**PROVIDED DATA:**
----------
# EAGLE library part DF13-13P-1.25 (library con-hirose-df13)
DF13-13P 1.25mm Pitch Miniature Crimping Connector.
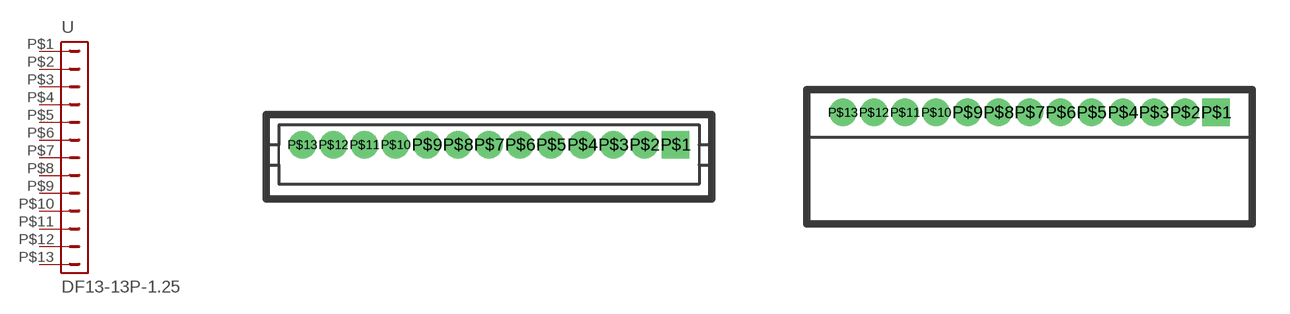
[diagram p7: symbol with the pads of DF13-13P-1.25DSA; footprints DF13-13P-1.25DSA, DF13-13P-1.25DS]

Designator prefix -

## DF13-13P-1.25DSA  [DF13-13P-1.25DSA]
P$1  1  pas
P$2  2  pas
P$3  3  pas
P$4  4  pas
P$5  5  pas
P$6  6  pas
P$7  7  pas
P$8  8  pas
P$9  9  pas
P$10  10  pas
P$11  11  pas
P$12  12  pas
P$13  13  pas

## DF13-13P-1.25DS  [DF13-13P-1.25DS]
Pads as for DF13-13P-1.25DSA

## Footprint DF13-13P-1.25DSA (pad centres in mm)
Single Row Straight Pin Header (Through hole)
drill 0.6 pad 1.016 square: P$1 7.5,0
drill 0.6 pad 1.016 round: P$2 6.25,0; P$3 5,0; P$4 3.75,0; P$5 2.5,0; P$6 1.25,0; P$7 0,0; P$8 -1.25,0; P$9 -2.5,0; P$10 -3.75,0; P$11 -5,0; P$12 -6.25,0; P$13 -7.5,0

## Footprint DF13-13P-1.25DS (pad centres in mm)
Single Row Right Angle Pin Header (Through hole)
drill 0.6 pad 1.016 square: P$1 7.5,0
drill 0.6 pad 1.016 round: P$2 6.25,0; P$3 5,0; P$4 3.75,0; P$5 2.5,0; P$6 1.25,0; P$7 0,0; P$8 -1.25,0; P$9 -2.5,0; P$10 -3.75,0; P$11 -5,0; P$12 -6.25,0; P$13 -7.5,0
----------
**WHAT YOU SHOULD DO:**
Retype the whole listing word for word. Skip the pictures.

**OUTPUT BELOW:**
# EAGLE library part DF13-13P-1.25 (library con-hirose-df13)
DF13-13P 1.25mm Pitch Miniature Crimping Connector.
[diagram p7: symbol with the pads of DF13-13P-1.25DSA; footprints DF13-13P-1.25DSA, DF13-13P-1.25DS]

Designator prefix -

## DF13-13P-1.25DSA  [DF13-13P-1.25DSA]
P$1  1  pas
P$2  2  pas
P$3  3  pas
P$4  4  pas
P$5  5  pas
P$6  6  pas
P$7  7  pas
P$8  8  pas
P$9  9  pas
P$10  10  pas
P$11  11  pas
P$12  12  pas
P$13  13  pas

## DF13-13P-1.25DS  [DF13-13P-1.25DS]
Pads as for DF13-13P-1.25DSA

## Footprint DF13-13P-1.25DSA (pad centres in mm)
Single Row Straight Pin Header (Through hole)
drill 0.6 pad 1.016 square: P$1 7.5,0
drill 0.6 pad 1.016 round: P$2 6.25,0; P$3 5,0; P$4 3.75,0; P$5 2.5,0; P$6 1.25,0; P$7 0,0; P$8 -1.25,0; P$9 -2.5,0; P$10 -3.75,0; P$11 -5,0; P$12 -6.25,0; P$13 -7.5,0

## Footprint DF13-13P-1.25DS (pad centres in mm)
Single Row Right Angle Pin Header (Through hole)
drill 0.6 pad 1.016 square: P$1 7.5,0
drill 0.6 pad 1.016 round: P$2 6.25,0; P$3 5,0; P$4 3.75,0; P$5 2.5,0; P$6 1.25,0; P$7 0,0; P$8 -1.25,0; P$9 -2.5,0; P$10 -3.75,0; P$11 -5,0; P$12 -6.25,0; P$13 -7.5,0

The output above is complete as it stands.